◆ Task statement
How many lines in the records below contain "layers"? Reply with the number only.

Records from a data collection:
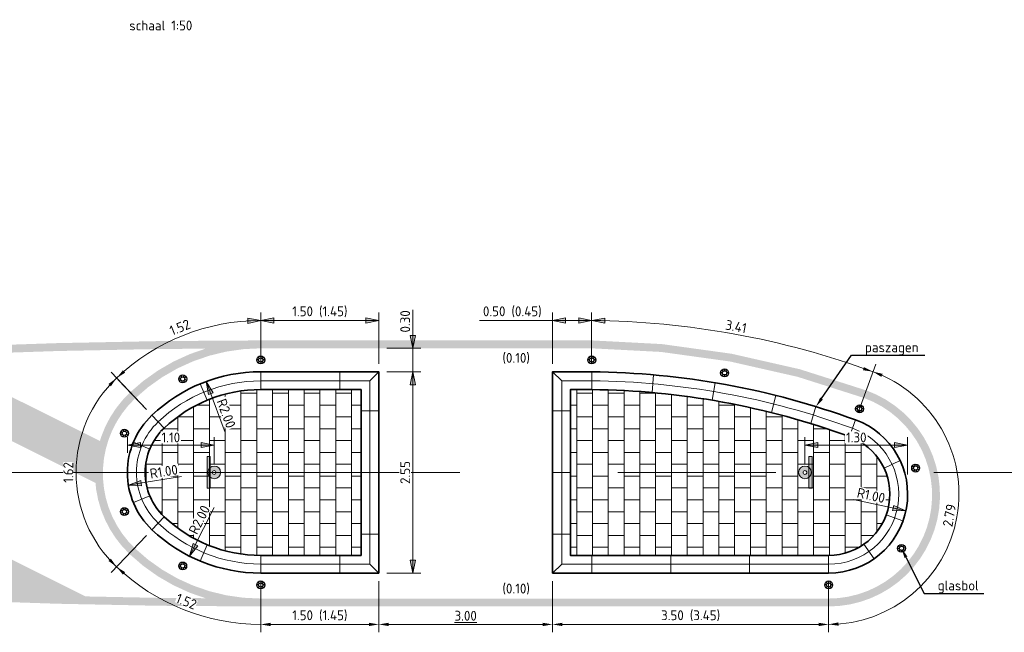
# Model space of a CAD drawing. Header units: metres. Extents: x -699 to 2316, y -1199 to 781.
# Tile 294 of 593: x 301 to 313, y 157 to 165. Entities that reach past the tile are written whole.
import ezdxf
from ezdxf import colors
from ezdxf.entities.mleader import LeaderData, LeaderLine
from ezdxf.math import Vec2, Vec3

# ---------------------------------------------------------------- set-up
doc = ezdxf.new("R2010")
doc.units = ezdxf.units.M
doc.header["$PDMODE"] = 1
doc.linetypes.add('AM-AS', pattern=[16, 10, -2, 2, -2])
for name, color, linetype, lineweight in [('N-WA-IE-MEUBILAIR_WEGMEUBILAIR-S', 7, 'Continuous', 25), ('N-WA-VW-VERKEERSTEKEN_BORD-G', 7, 'Continuous', 35), ('N-WE-AM-AS-G', 10, 'AM-AS', 18), ('N-WE-VH-KANTVERHARDING-G', 210, 'Continuous', 35), ('N-WE-VH-VERHARDING_BETONSTRAATSTEEN-A', 252, 'Continuous', 18), ('N-WE-VW-MARKERING_LANGS_STREEP_DOORGETROKKEN_010-G', 7, 'Continuous', 13), ('X-XX-AL-M', 7, 'Continuous', 18), ('X-XX-AL-T18', 10, 'Continuous', 18), ('X-XX-AL-T25', 7, 'Continuous', 25)]:
    doc.layers.add(name, color=color, linetype=linetype, lineweight=lineweight)
doc.layers.add('N-WA-VW-VERKEERSTEKEN_BLAUW', color=7, linetype='Continuous', lineweight=5, true_color=0x005b8c)
doc.layers.add('N-WA-VW-VERKEERSTEKEN_GEEL', color=7, linetype='Continuous', lineweight=5, true_color=0xf7b500)
doc.layers.add('N-WE-VW-MARKERING_OVERIG_VERDRIJFSTREEP-G', color=7, linetype='Continuous')
doc.styles.add('NLCS-ISO', font='NLCS-ISO.ttf')
doc.styles.add('NLCS-ISO Standaard', font='NLCS-ISO.ttf')
doc.styles.add('NLCS-ISO-M50-T25', font='NLCS-ISO.ttf', dxfattribs={"height": 0.125})
doc.linetypes.add('ZIGZAG', pattern='A,0.00254,-5.08,[131,ltypeshp.shx,S=5.08,R=0,X=-5.08,Y=0],-10.16,[131,ltypeshp.shx,S=5.08,R=180,X=5.08,Y=0],-5.08', length=20.32254)
doc.dimstyles.new('NLCS-M50-T25-Pijl-A', dxfattribs={"dimtxt": 0.125, "dimasz": 0.09375, "dimexe": 0.1, "dimexo": 0.1, "dimgap": 0.035, "dimtad": 1, "dimlfac": -1, "dimzin": 0, "dimdsep": 46, "dimtxsty": 'NLCS-ISO Standaard', "dimblk": 'Pijl', "dimblk1": 'Pijl', "dimblk2": 'Pijl', "dimcen": 2.5, "dimdle": 2, "dimclrd": 256, "dimclre": 256, "dimclrt": 256, "dimadec": 0, "dimazin": 0, "dimtfac": 1, "dimtofl": 0, "dimtmove": 0, "dimatfit": 3, "dimldrblk": 'Pijl', "dimfxl": 1, "dimtolj": 1, "dimtzin": 0, "dimlwd": 18, "dimlwe": 18, "dimarcsym": 0})
doc.dimstyles.new('NLCS-M50-T25-PIJL_A_L2_H2', dxfattribs={"dimscale": 0.05, "dimtxt": 2.5, "dimasz": 2.5, "dimexe": 2, "dimexo": 2, "dimgap": 0.7, "dimtad": 1, "dimzin": 0, "dimdsep": 46, "dimtxsty": 'NLCS-ISO-M50-T25', "dimcen": 0, "dimdle": 2, "dimclrd": 256, "dimclre": 256, "dimclrt": 256, "dimazin": 0, "dimtfac": 1, "dimtdec": 3, "dimtofl": 0, "dimtmove": 0, "dimatfit": 3, "dimfxl": 2, "dimtfillclr": 256, "dimtolj": 1, "dimtzin": 0, "dimlwd": -1, "dimlwe": -1, "dimarcsym": 0})

# ---------------------------------------------------------------- blocks, each defined once
blk = doc.blocks.new('Pijl')
h = blk.add_hatch(color=256)
h.paths.add_polyline_path([(0, 0), (-1.75, 0.35), (-1.75, 0)])
h.paths.add_polyline_path([(-1.75, 0), (-1.75, -0.35), (0, 0)])
for p, q in [((-1.9, 0), (0, 0)), ((0, 0), (-1.75, 0.35)), ((-1.75, 0.35), (-1.75, -0.35)), ((0, 0), (-1.75, -0.35))]:
    blk.add_line(p, q)
blk = doc.blocks.new('*D1751')
at = {"layer": 'Defpoints', "color": 0, "transparency": 16777216}
for p in [(305.22, 160.472), (305.22, 157.922), (305.651, 157.922)]:
    blk.add_point(p, dxfattribs=at)
at = {"layer": 'X-XX-AL-M', "lineweight": 18, "transparency": 16777216}
for p, q in [((305.32, 160.472), (305.751, 160.472)), ((305.651, 160.378), (305.651, 158.016)), ((305.32, 157.922), (305.751, 157.922))]:
    blk.add_line(p, q, dxfattribs=at)
at = {"layer": 'X-XX-AL-M', "lineweight": 18, "transparency": 16777216, "xscale": 0.09375, "yscale": 0.09375, "zscale": 0.09375}
for p, rotation in [((305.651, 160.472), 90), ((305.651, 157.922), 270)]:
    blk.add_blockref('Pijl', p, dxfattribs=dict(at, rotation=rotation))
at = {"layer": 'X-XX-AL-M', "transparency": 16777216, "insert": (305.554, 159.197), "char_height": 0.125, "attachment_point": 5, "rotation": 90, "style": 'NLCS-ISO Standaard', "bg_fill": 3, "box_fill_scale": 1.1, "bg_fill_color": 256, "bg_fill_true_color": 13158600, "bg_fill_transparency": 0}
blk.add_mtext('\\A1;2.55', dxfattribs=at)
blk = doc.blocks.new('*D1752')
at = {"layer": 'Defpoints', "color": 0, "transparency": 16777216}
for p in [(303.036, 160.349), (303.725, 158.472)]:
    blk.add_point(p, dxfattribs=at)
at = {"layer": 'X-XX-AL-M', "lineweight": 18, "transparency": 16777216}
blk.add_line((303.273, 159.703), (303.068, 160.261), dxfattribs=at)
at = {"layer": 'X-XX-AL-M', "transparency": 16777216, "insert": (303.288, 159.945), "char_height": 0.125, "attachment_point": 5, "rotation": 290.165, "style": 'NLCS-ISO Standaard', "bg_fill": 3, "box_fill_scale": 1.1, "bg_fill_color": 256, "bg_fill_true_color": 13158600, "bg_fill_transparency": 0}
blk.add_mtext('\\A1;R2.00', dxfattribs=at)
at = {"layer": 'X-XX-AL-M', "lineweight": 18, "transparency": 16777216, "xscale": 0.09375, "yscale": 0.09375, "zscale": 0.09375, "rotation": 110.1649995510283}
blk.add_blockref('Pijl', (303.036, 160.349), dxfattribs=at)
blk = doc.blocks.new('*D1753')
at = {"layer": 'Defpoints', "color": 0, "transparency": 16777216}
for p in [(303.037, 159.197), (302.05, 159.035)]:
    blk.add_point(p, dxfattribs=at)
at = {"layer": 'X-XX-AL-M', "lineweight": 18, "transparency": 16777216}
blk.add_line((302.721, 159.145), (302.142, 159.051), dxfattribs=at)
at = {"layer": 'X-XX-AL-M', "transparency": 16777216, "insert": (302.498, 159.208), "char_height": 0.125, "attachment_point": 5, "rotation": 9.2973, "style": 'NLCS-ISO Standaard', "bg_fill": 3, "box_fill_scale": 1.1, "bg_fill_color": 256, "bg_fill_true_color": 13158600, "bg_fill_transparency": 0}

◆ Reply to the task
4